*** GIVEN DATA Section Begins ***

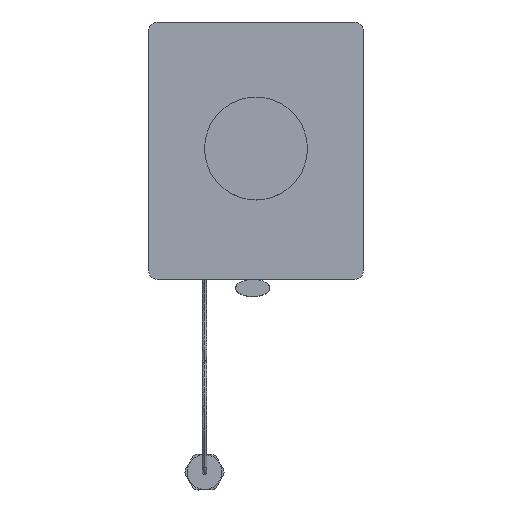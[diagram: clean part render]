
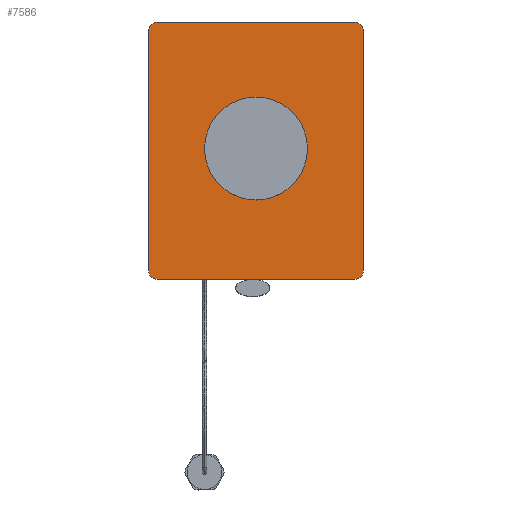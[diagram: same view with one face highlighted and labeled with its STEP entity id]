
A CAD part, top view. The second image highlights one B-rep face of the part: STEP entity #7586.
In plain terms, the highlighted planar face has unit normal (0, 0, 1).
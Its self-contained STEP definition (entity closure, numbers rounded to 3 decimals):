
#1597=CARTESIAN_POINT('',(-115.,137.699,-45.491));
#1598=DIRECTION('',(0.,0.,1.));
#1599=DIRECTION('',(0.,1.,0.));
#1600=AXIS2_PLACEMENT_3D('',#1597,#1598,#1599);
#1602=DIRECTION('',(1.,0.,0.));
#1603=VECTOR('',#1602,230.);
#1604=CARTESIAN_POINT('',(-115.,147.699,-45.491));
#1605=LINE('',#1604,#1603);
#1606=CARTESIAN_POINT('',(115.,137.699,-45.491));
#1607=DIRECTION('',(0.,0.,1.));
#1608=DIRECTION('',(1.,0.,0.));
#1609=AXIS2_PLACEMENT_3D('',#1606,#1607,#1608);
#1611=DIRECTION('',(0.,-1.,0.));
#1612=VECTOR('',#1611,280.);
#1613=CARTESIAN_POINT('',(125.,137.699,-45.491));
#1614=LINE('',#1613,#1612);
#1615=CARTESIAN_POINT('',(115.,-142.301,-45.491));
#1616=DIRECTION('',(0.,0.,1.));
#1617=DIRECTION('',(0.,-1.,0.));
#1618=AXIS2_PLACEMENT_3D('',#1615,#1616,#1617);
#1620=DIRECTION('',(-1.,0.,0.));
#1621=VECTOR('',#1620,230.);
#1622=CARTESIAN_POINT('',(115.,-152.301,-45.491));
#1623=LINE('',#1622,#1621);
#1624=CARTESIAN_POINT('',(-115.,-142.301,-45.491));
#1625=DIRECTION('',(0.,0.,1.));
#1626=DIRECTION('',(-1.,0.,0.));
#1627=AXIS2_PLACEMENT_3D('',#1624,#1625,#1626);
#1629=DIRECTION('',(0.,1.,0.));
#1630=VECTOR('',#1629,280.);
#1631=CARTESIAN_POINT('',(-125.,-142.301,-45.491));
#1632=LINE('',#1631,#1630);
#1633=CARTESIAN_POINT('',(0.,0.,-45.491));
#1634=DIRECTION('',(0.,0.,1.));
#1635=DIRECTION('',(0.,1.,0.));
#1636=AXIS2_PLACEMENT_3D('',#1633,#1634,#1635);
#1638=CARTESIAN_POINT('',(0.,0.,-45.491));
#1639=DIRECTION('',(0.,0.,1.));
#1640=DIRECTION('',(0.,-1.,0.));
#1641=AXIS2_PLACEMENT_3D('',#1638,#1639,#1640);
#5064=CARTESIAN_POINT('',(0.,15.7,-45.491));
#5065=CARTESIAN_POINT('',(0.,-15.7,-45.491));
#5066=VERTEX_POINT('',#5064);
#5067=VERTEX_POINT('',#5065);
#5068=CARTESIAN_POINT('',(-115.,147.699,-45.491));
#5069=CARTESIAN_POINT('',(-125.,137.699,-45.491));
#5070=VERTEX_POINT('',#5068);
#5071=VERTEX_POINT('',#5069);
#5076=CARTESIAN_POINT('',(-125.,-142.301,-45.491));
#5077=CARTESIAN_POINT('',(-115.,-152.301,-45.491));
#5078=VERTEX_POINT('',#5076);
#5079=VERTEX_POINT('',#5077);
#5084=CARTESIAN_POINT('',(115.,-152.301,-45.491));
#5085=CARTESIAN_POINT('',(125.,-142.301,-45.491));
#5086=VERTEX_POINT('',#5084);
#5087=VERTEX_POINT('',#5085);
#5092=CARTESIAN_POINT('',(125.,137.699,-45.491));
#5093=CARTESIAN_POINT('',(115.,147.699,-45.491));
#5094=VERTEX_POINT('',#5092);
#5095=VERTEX_POINT('',#5093);
#7558=CARTESIAN_POINT('',(0.,0.,-45.491));
#7559=DIRECTION('',(0.,0.,-1.));
#7560=DIRECTION('',(0.,-1.,0.));
#7561=AXIS2_PLACEMENT_3D('',#7558,#7559,#7560);
#7562=PLANE('',#7561);
#7563=ORIENTED_EDGE('',*,*,#7548,.F.);
#7565=ORIENTED_EDGE('',*,*,#7564,.T.);
#7567=ORIENTED_EDGE('',*,*,#7566,.F.);
#7569=ORIENTED_EDGE('',*,*,#7568,.T.);
#7571=ORIENTED_EDGE('',*,*,#7570,.F.);
#7573=ORIENTED_EDGE('',*,*,#7572,.T.);
#7575=ORIENTED_EDGE('',*,*,#7574,.F.);
#7577=ORIENTED_EDGE('',*,*,#7576,.T.);
#7578=EDGE_LOOP('',(#7563,#7565,#7567,#7569,#7571,#7573,#7575,#7577));
#7579=FACE_OUTER_BOUND('',#7578,.F.);
#7581=ORIENTED_EDGE('',*,*,#7580,.T.);
#7583=ORIENTED_EDGE('',*,*,#7582,.T.);
#7584=EDGE_LOOP('',(#7581,#7583));
#7585=FACE_BOUND('',#7584,.F.);
#7586=ADVANCED_FACE('',(#7579,#7585),#7562,.F.);
#1601=CIRCLE('',#1600,10.);
#1610=CIRCLE('',#1609,10.);
#1619=CIRCLE('',#1618,10.);
#1628=CIRCLE('',#1627,10.);
#1637=CIRCLE('',#1636,15.7);
#1642=CIRCLE('',#1641,15.7);
#7548=EDGE_CURVE('',#5070,#5071,#1601,.T.);
#7564=EDGE_CURVE('',#5070,#5095,#1605,.T.);
#7566=EDGE_CURVE('',#5094,#5095,#1610,.T.);
#7568=EDGE_CURVE('',#5094,#5087,#1614,.T.);
#7570=EDGE_CURVE('',#5086,#5087,#1619,.T.);
#7572=EDGE_CURVE('',#5086,#5079,#1623,.T.);
#7574=EDGE_CURVE('',#5078,#5079,#1628,.T.);
#7576=EDGE_CURVE('',#5078,#5071,#1632,.T.);
#7580=EDGE_CURVE('',#5066,#5067,#1637,.T.);
#7582=EDGE_CURVE('',#5067,#5066,#1642,.T.);
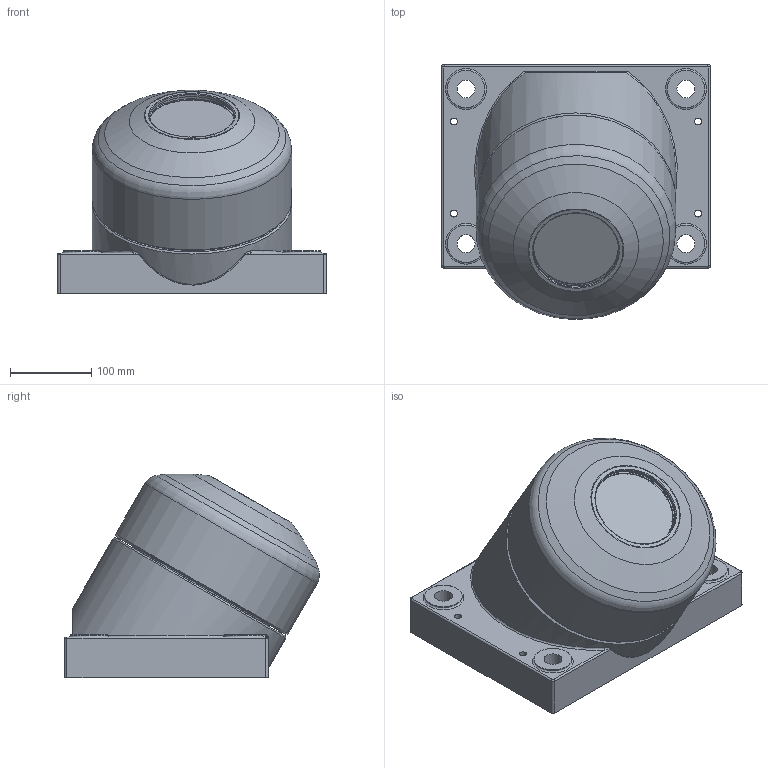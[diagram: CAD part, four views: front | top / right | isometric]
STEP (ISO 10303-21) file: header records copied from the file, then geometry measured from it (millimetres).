
FILE_DESCRIPTION(/* description */ (''),/* implementation_level */ '2;1');
FILE_NAME(/* name */ 'Z:\34-Tei\01-web 3Dデータ\SW車輪\SW-250-I.stp',/* time_stamp */ '2015-03-17T16:51:43+09:00',/* author */ ('yamaki'),/* organization */ (''),/* preprocessor_version */ 'ST-DEVELOPER v15.6',/* originating_system */ 'Autodesk Inventor 2015',/* authorisation */ '');
FILE_SCHEMA (('AUTOMOTIVE_DESIGN { 1 0 10303 214 3 1 1 }'));
Length unit declared in the file: centimetre
Products named in the file (1): SW-250-I
Bounding box: 330 x 313.08 x 249.96 mm (x, y, z)
Volume: 10734342.5 mm3; surface area: 608054.9 mm2
Topology: 1 solids, 3 shells, 150 faces, 312 edges, 198 vertices
Faces by surface type: cylinder 60, plane 51, cone 15, torus 14, bspline 10
Full cylindrical faces by diameter (mm): 8 x1, 8.376 x4, 10.5 x1, 22 x4, 45 x2, 46 x4, 55 x1, 61 x2, 64 x1, 68 x1, 84 x2, 90 x1, 100 x2, 100.1 x1, 102 x1, 104 x1, 105 x2, 109 x1, 118 x1, 120 x1, 170.1 x2, 172 x1, 180 x1, 194 x2, 200 x1, 245 x2
Entity records: 4108 total; most frequent: CARTESIAN_POINT 1000, DIRECTION 646, ORIENTED_EDGE 448, AXIS2_PLACEMENT_3D 296, EDGE_LOOP 270, EDGE_CURVE 224, VERTEX_POINT 180, STYLED_ITEM 151
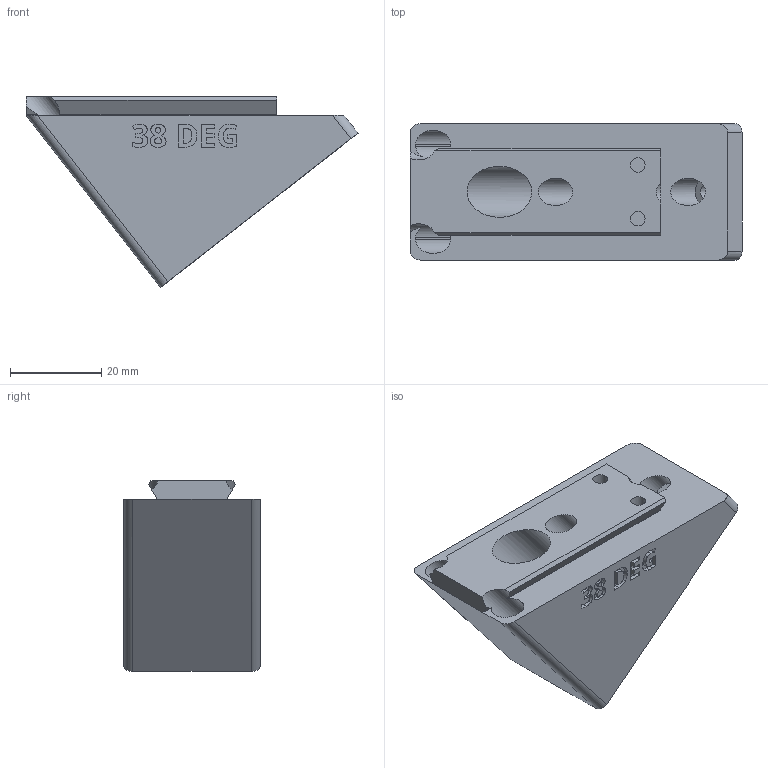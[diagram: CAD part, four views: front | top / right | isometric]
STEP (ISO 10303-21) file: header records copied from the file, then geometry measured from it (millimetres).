
FILE_DESCRIPTION(/* description */ ('STEP AP242 Edition 2','CAx-IF Rec.Pracs.---Representation and Presentation of Product Manufacturing Information (PMI)---4.0---2014-10-13','CAx-IF Rec.Pracs.---3D Tessellated Geometry---0.4---2014-09-14','2;1','CAx-IF Rec.Pracs.---User Defined Attributes---1.5---2016-08-15'),/* implementation_level */ '2;1');
FILE_NAME(/* name */ 'Camera Wedges - CAMERA MOUNTING WEDGE, POS, 38 DEG',/* time_stamp */ '2026-07-08T20:40:06Z',/* author */ (''),/* organization */ (''),/* preprocessor_version */ 'ST-DEVELOPER v20',/* originating_system */ 'ONSHAPE BY PTC INC, 1.217',/* authorisation */ ' ');
FILE_SCHEMA (('AP242_MANAGED_MODEL_BASED_3D_ENGINEERING_MIM_LF { 1 0 10303 442 3 1 4 }'));
Length unit declared in the file: metre
Products named in the file (1): CAMERA MOUNTING WEDGE, POS, 38 DEG
Bounding box: 72.87 x 30 x 41.9 mm (x, y, z)
Volume: 39275.9 mm3; surface area: 12910.8 mm2
Topology: 1 solids, 1 shells, 294 faces, 811 edges, 541 vertices
Faces by surface type: plane 125, bspline 114, cylinder 55
Full cylindrical faces by diameter (mm): 3.2 x4, 6 x2, 6.4 x1, 11.2 x1
Entity records: 9716 total; most frequent: CARTESIAN_POINT 2887, ORIENTED_EDGE 1600, DIRECTION 1056, EDGE_CURVE 800, VERTEX_POINT 538, LINE 450, VECTOR 450, EDGE_LOOP 334

*** GIVEN DATA Section Ends ***

* ABOUT THIS TASK: Repeat exactly the lines of the listing above, from the one with "#1615=CARTESIAN_POINT('',(115.,-142.301,-45.491));" down to the one with "#1622=CARTESIAN_POINT('',(115.,-152.301,-45.491));"; both of those lines belong in the range.

* REPLY:
#1615=CARTESIAN_POINT('',(115.,-142.301,-45.491));
#1616=DIRECTION('',(0.,0.,1.));
#1617=DIRECTION('',(0.,-1.,0.));
#1618=AXIS2_PLACEMENT_3D('',#1615,#1616,#1617);
#1620=DIRECTION('',(-1.,0.,0.));
#1621=VECTOR('',#1620,230.);
#1622=CARTESIAN_POINT('',(115.,-152.301,-45.491));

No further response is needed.